### ACTION ITEM
Where does the word "from" appear in the data? Copy every line that holds it.

(ENTRIES PROVIDED begins)

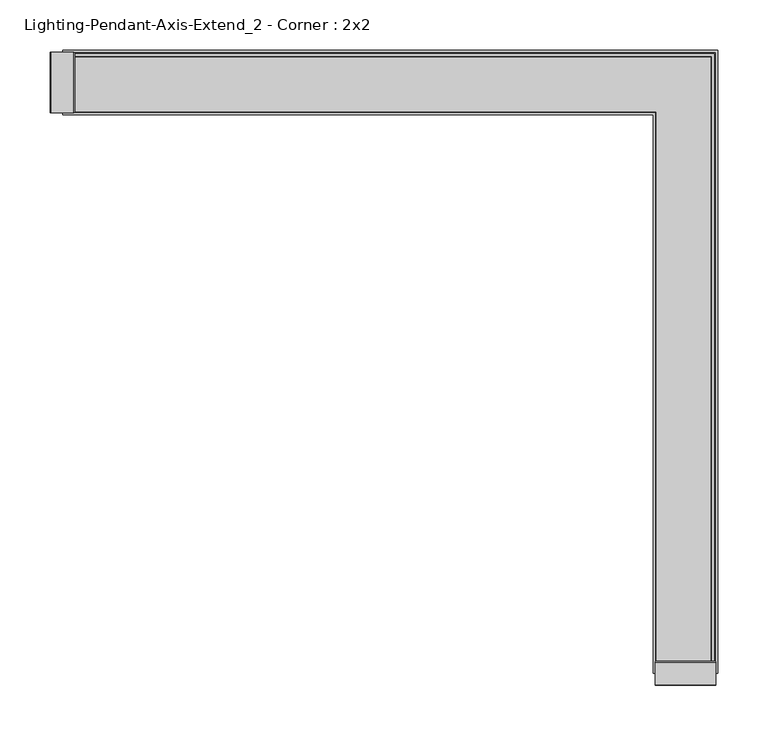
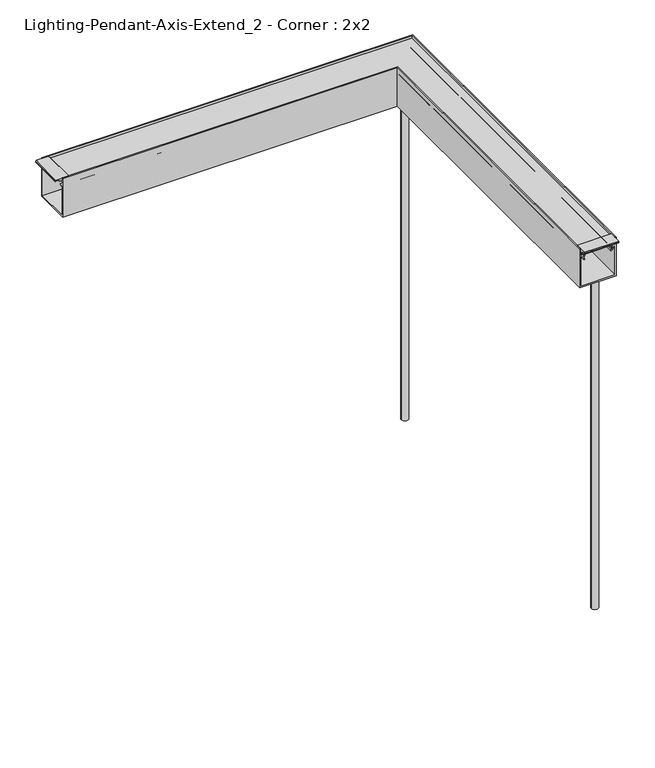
"""IFC4 building model written with IfcOpenShell, lengths in millimetres: light fixture geometry, Lighting-Pendant-Axis-Extend_2 - Corner : 2x2."""

from ifc_helpers import new_model, si_unit, frame, origin, place, context, project, spatial, polyline, circle_curve, ellipse_curve, outline, extrude, source, transform, mapped, element, save
from ifc_brep_helpers import plane_surface, cylinder_surface, revolved_surface, advanced_brep


def lighting_pendant_axis_extend_2_corner_2x2_e182f400(model_context):
    return source(origin(), model_context, "Body", "SolidModel", [
        advanced_brep(
        [(311.15, -577.596, 609.6), (298.45, -577.596, 609.6), (304.8, -577.596, 609.6), (311.15, -577.596, 0.0), (298.45, -577.596, 0.0), (304.8, -577.596, 0.0)],
        [
            (0, 1, circle_curve(frame((304.8, -577.596, 609.6), z_axis=(0.0, 0.0, 1.0), x_axis=(-1.0, 0.0, 0.0)), 6.35)),
            (1, 2),
            (2, 0),
            (1, 0, circle_curve(frame((304.8, -577.596, 609.6), z_axis=(0.0, 0.0, 1.0), x_axis=(-1.0, 0.0, 0.0)), 6.35)),
            (3, 4, circle_curve(frame((304.8, -577.596, 0.0), z_axis=(0.0, 0.0, 1.0), x_axis=(-1.0, 0.0, 0.0)), 6.35)),
            (4, 1),
            (0, 3),
            (4, 3, circle_curve(frame((304.8, -577.596, 0.0), z_axis=(0.0, 0.0, 1.0), x_axis=(-1.0, 0.0, 0.0)), 6.35)),
            (5, 4),
            (3, 5),
        ],
        [
            plane_surface(frame((304.8, -577.596, 609.6), z_axis=(0.0, 0.0, 1.0), x_axis=(-1.0, 0.0, 0.0))),
            cylinder_surface(frame((304.8, -577.596, 2913.8581012), z_axis=(0.0, 0.0, -1.0), x_axis=(-1.0, 0.0, 0.0)), 6.35),
            plane_surface(frame((304.8, -577.596, 0.0), z_axis=(0.0, 0.0, -1.0), x_axis=(-1.0, 0.0, 0.0))),
        ],
        [
            (0, [[1, 2, 3]]),
            (0, [[4, -3, -2]]),
            (1, [[5, 6, -1, 7]]),
            (1, [[8, -7, -4, -6]]),
            (2, [[9, -5, 10]]),
            (2, [[-10, -8, -9]]),
        ],
    ),
        extrude(outline(polyline([(-574.6496, 679.9357861), (-574.6496, 678.46575), (-575.44335, 678.46575), (-575.44335, 679.2595), (-581.914, 679.2595), (-581.914, 676.4532981), (-591.5914, 676.4532981), (-591.5914, 679.2595), (-598.06205, 679.2595), (-598.06205, 678.46575), (-598.8558, 678.46575), (-598.8558, 679.9357861), (-597.9312563, 681.0375), (-575.5741437, 681.0375), (-574.6496, 679.9357861)])), frame((274.828, 0.0, 0.0), z_axis=(1.0, 0.0, 0.0), x_axis=(0.0, 1.0, 0.0)), (0.0, 0.0, 1.0), 59.944),
        extrude(outline(polyline([(679.9357861, -301.8536), (681.0375, -302.7781437), (681.0375, -325.1352563), (679.9357861, -326.0598), (678.46575, -326.0598), (678.46575, -325.26605), (679.2595, -325.26605), (679.2595, -318.7954), (676.4532981, -318.7954), (676.4532981, -309.118), (679.2595, -309.118), (679.2595, -302.64735), (678.46575, -302.64735), (678.46575, -301.8536), (679.9357861, -301.8536)])), frame((0.0, -29.972, 0.0), z_axis=(0.0, 1.0, 0.0), x_axis=(0.0, 0.0, 1.0)), (0.0, 0.0, 1.0), 59.944),
        advanced_brep(
        [(311.15, 0.0, 609.6), (298.45, 0.0, 609.6), (304.8, 0.0, 609.6), (311.15, 0.0, 0.0), (298.45, 0.0, 0.0), (304.8, 0.0, 0.0)],
        [
            (0, 1, circle_curve(frame((304.8, 0.0, 609.6), z_axis=(0.0, 0.0, 1.0), x_axis=(-1.0, 0.0, 0.0)), 6.35)),
            (1, 2),
            (2, 0),
            (1, 0, circle_curve(frame((304.8, 0.0, 609.6), z_axis=(0.0, 0.0, 1.0), x_axis=(-1.0, 0.0, 0.0)), 6.35)),
            (3, 4, circle_curve(frame((304.8, 0.0, 0.0), z_axis=(0.0, 0.0, 1.0), x_axis=(-1.0, 0.0, 0.0)), 6.35)),
            (4, 1),
            (0, 3),
            (4, 3, circle_curve(frame((304.8, 0.0, 0.0), z_axis=(0.0, 0.0, 1.0), x_axis=(-1.0, 0.0, 0.0)), 6.35)),
            (5, 4),
            (3, 5),
        ],
        [
            plane_surface(frame((304.8, 0.0, 609.6), z_axis=(0.0, 0.0, 1.0), x_axis=(-1.0, 0.0, 0.0))),
            cylinder_surface(frame((304.8, 0.0, 2913.8581012), z_axis=(0.0, 0.0, -1.0), x_axis=(-1.0, 0.0, 0.0)), 6.35),
            plane_surface(frame((304.8, 0.0, 0.0), z_axis=(0.0, 0.0, -1.0), x_axis=(-1.0, 0.0, 0.0))),
        ],
        [
            (0, [[1, 2, 3]]),
            (0, [[4, -3, -2]]),
            (1, [[5, 6, -1, 7]]),
            (1, [[8, -7, -4, -6]]),
            (2, [[9, -5, 10]]),
            (2, [[-10, -8, -9]]),
        ],
    ),
        advanced_brep(
        [(-304.8, -24.1727262, 676.1479991), (-304.8, -24.5114181, 669.6853737), (-304.8, -25.3818814, 663.0794903), (-304.8, -24.5665956, 661.5817575), (-304.8, -23.2119066, 660.3823555), (-304.8, -24.192808, 659.0543369), (-304.8, -25.7659952, 660.4471908), (-304.8, -27.1108807, 664.27776), (-304.8, -25.4753941, 668.3169658), (-304.8, -26.1394859, 670.1661789), (-304.8, -25.825992, 676.1479991), (-304.8, -28.829, 676.1479991), (-304.8, -28.829, 678.053), (-304.8, 28.829, 678.053), (-304.8, 28.829, 676.1479991), (-304.8, 25.825992, 676.1479991), (-304.8, 26.1394859, 670.1661789), (-304.8, 25.4753941, 668.3169658), (-304.8, 27.1108807, 664.27776), (-304.8, 25.7659952, 660.4471908), (-304.8, 24.192808, 659.0543369), (-304.8, 23.2119066, 660.3823555), (-304.8, 24.5665956, 661.5817575), (-304.8, 25.3818814, 663.0794903), (-304.8, 24.5114181, 669.6853737), (-304.8, 24.1727262, 676.1479991), (280.6272738, -586.7527, 676.1479991), (328.9727262, -586.7527, 676.1479991), (329.3114181, -586.7527, 669.6853737), (330.1818814, -586.7527, 663.0794903), (329.3665956, -586.7527, 661.5817575), (328.0119066, -586.7527, 660.3823555), (328.992808, -586.7527, 659.0543369), (330.5659952, -586.7527, 660.4471908), (331.9108807, -586.7527, 664.27776), (330.2753941, -586.7527, 668.3169658), (330.9394859, -586.7527, 670.1661789), (330.625992, -586.7527, 676.1479991), (333.629, -586.7527, 676.1479991), (333.629, -586.7527, 678.053), (275.971, -586.7527, 678.053), (275.971, -586.7527, 676.1479991), (278.974008, -586.7527, 676.1479991), (278.6605141, -586.7527, 670.1661789), (279.3246059, -586.7527, 668.3169658), (277.6891193, -586.7527, 664.27776), (279.0340048, -586.7527, 660.4471908), (280.607192, -586.7527, 659.0543369), (281.5880934, -586.7527, 660.3823555), (280.2334044, -586.7527, 661.5817575), (279.4181186, -586.7527, 663.0794903), (280.2885819, -586.7527, 669.6853737), (280.6272738, -24.1727262, 676.1479991), (280.2885819, -24.5114181, 669.6853737), (279.4181186, -25.3818814, 663.0794903), (280.2334044, -24.5665956, 661.5817575), (281.5880934, -23.2119066, 660.3823555), (280.607192, -24.192808, 659.0543369), (279.0340048, -25.7659952, 660.4471908), (277.6891193, -27.1108807, 664.27776), (279.3246059, -25.4753941, 668.3169658), (278.6605141, -26.1394859, 670.1661789), (278.974008, -25.825992, 676.1479991), (275.971, -28.829, 676.1479991), (275.971, -28.829, 678.053), (333.629, 28.829, 678.053), (333.629, 28.829, 676.1479991), (330.625992, 25.825992, 676.1479991), (330.9394859, 26.1394859, 670.1661789), (330.2753941, 25.4753941, 668.3169658), (331.9108807, 27.1108807, 664.27776), (330.5659952, 25.7659952, 660.4471908), (328.992808, 24.192808, 659.0543369), (328.0119066, 23.2119066, 660.3823555), (329.3665956, 24.5665956, 661.5817575), (330.1818814, 25.3818814, 663.0794903), (329.3114181, 24.5114181, 669.6853737), (328.9727262, 24.1727262, 676.1479991)],
        [
            (0, 1),
            (1, 2, circle_curve(frame((-304.8, -27.2542, 666.6865), z_axis=(-1.0, 0.0, 0.0), x_axis=(0.0, 0.6748971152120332, 0.7379118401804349)), 4.064)),
            (2, 3, circle_curve(frame((-304.8, -22.149344, 663.8683457), z_axis=(1.0, 0.0, 0.0), x_axis=(0.0, -0.9714904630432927, -0.23707863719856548)), 3.3274001)),
            (3, 4, circle_curve(frame((-304.8, -17.1303177, 668.6160708), z_axis=(1.0, 0.0, 0.0), x_axis=(0.0, -0.7264901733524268, -0.68717685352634)), 10.2362001)),
            (4, 5, circle_curve(frame((-304.8, -23.7023573, 659.7183462), z_axis=(-1.0, 0.0, 0.0), x_axis=(0.0, 0.5941256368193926, 0.8043722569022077)), 0.8255)),
            (5, 6, circle_curve(frame((-304.8, -17.1303169, 668.6160717), z_axis=(-1.0, 0.0, 0.0), x_axis=(0.0, -0.594125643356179, -0.8043722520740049)), 11.8872013)),
            (6, 7, circle_curve(frame((-304.8, -22.149344, 663.8683457), z_axis=(-1.0, 0.0, 0.0), x_axis=(0.0, -0.7264685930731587, -0.6871996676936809)), 4.9784001)),
            (7, 8, circle_curve(frame((-304.8, -27.2542, 666.6865), z_axis=(1.0, 0.0, 0.0), x_axis=(0.0, 0.05939464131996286, -0.9982345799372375)), 2.413)),
            (8, 9, circle_curve(frame((-304.8, -23.6029669, 670.0332456), z_axis=(-1.0, 0.0, 0.0), x_axis=(0.0, -0.7371760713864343, -0.675700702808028)), 2.54)),
            (9, 10),
            (10, 11),
            (11, 12),
            (12, 13),
            (13, 14),
            (14, 15),
            (15, 16),
            (16, 17, circle_curve(frame((-304.8, 23.6029669, 670.0332456), z_axis=(-1.0, 0.0, 0.0), x_axis=(0.0, 0.9986295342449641, 0.05233596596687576)), 2.54)),
            (17, 18, circle_curve(frame((-304.8, 27.2542, 666.6865), z_axis=(1.0, 0.0, 0.0), x_axis=(0.0, -0.7371760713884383, 0.6757007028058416)), 2.413)),
            (18, 19, circle_curve(frame((-304.8, 22.149344, 663.8683457), z_axis=(-1.0, 0.0, 0.0), x_axis=(0.0, 0.9966127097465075, 0.0822381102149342)), 4.9784001)),
            (19, 20, circle_curve(frame((-304.8, 17.1303169, 668.6160717), z_axis=(-1.0, 0.0, 0.0), x_axis=(0.0, 0.7264685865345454, -0.6871996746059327)), 11.8872013)),
            (20, 21, circle_curve(frame((-304.8, 23.7023573, 659.7183462), z_axis=(-1.0, 0.0, 0.0), x_axis=(0.0, 0.5941256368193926, -0.8043722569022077)), 0.8255)),
            (21, 22, circle_curve(frame((-304.8, 17.1303177, 668.6160708), z_axis=(1.0, 0.0, 0.0), x_axis=(0.0, 0.5941256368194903, -0.8043722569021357)), 10.2362001)),
            (22, 23, circle_curve(frame((-304.8, 22.149344, 663.8683457), z_axis=(1.0, 0.0, 0.0), x_axis=(0.0, 0.7265349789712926, -0.6871294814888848)), 3.3274001)),
            (23, 24, circle_curve(frame((-304.8, 27.2542, 666.6865), z_axis=(-1.0, 0.0, 0.0), x_axis=(0.0, -0.46070831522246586, -0.8875516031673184)), 4.064)),
            (24, 25),
            (25, 0),
            (26, 27),
            (27, 28),
            (28, 29, circle_curve(frame((332.0542, -586.7527, 666.6865), z_axis=(0.0, -1.0, 0.0), x_axis=(-0.46070831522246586, 0.0, -0.8875516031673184)), 4.064)),
            (29, 30, circle_curve(frame((326.949344, -586.7527, 663.8683457), z_axis=(0.0, 1.0, 0.0), x_axis=(0.7265349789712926, 0.0, -0.6871294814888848)), 3.3274001)),
            (30, 31, circle_curve(frame((321.9303177, -586.7527, 668.6160708), z_axis=(0.0, 1.0, 0.0), x_axis=(0.5941256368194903, 0.0, -0.8043722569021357)), 10.2362001)),
            (31, 32, circle_curve(frame((328.5023573, -586.7527, 659.7183462), z_axis=(0.0, -1.0, 0.0), x_axis=(0.5941256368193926, 0.0, -0.8043722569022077)), 0.8255)),
            (32, 33, circle_curve(frame((321.9303169, -586.7527, 668.6160717), z_axis=(0.0, -1.0, 0.0), x_axis=(0.7264685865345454, 0.0, -0.6871996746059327)), 11.8872013)),
            (33, 34, circle_curve(frame((326.949344, -586.7527, 663.8683457), z_axis=(0.0, -1.0, 0.0), x_axis=(0.9966127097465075, 0.0, 0.0822381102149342)), 4.9784001)),
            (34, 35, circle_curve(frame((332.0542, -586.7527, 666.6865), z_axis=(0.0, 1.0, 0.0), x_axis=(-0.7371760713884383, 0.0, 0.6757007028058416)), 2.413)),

(ENTRIES PROVIDED ends)

### EXERCISE SOLUTION
from ifc_helpers import new_model, si_unit, frame, origin, place, context, project, spatial, polyline, circle_curve, ellipse_curve, outline, extrude, source, transform, mapped, element, save
from ifc_brep_helpers import plane_surface, cylinder_surface, revolved_surface, advanced_brep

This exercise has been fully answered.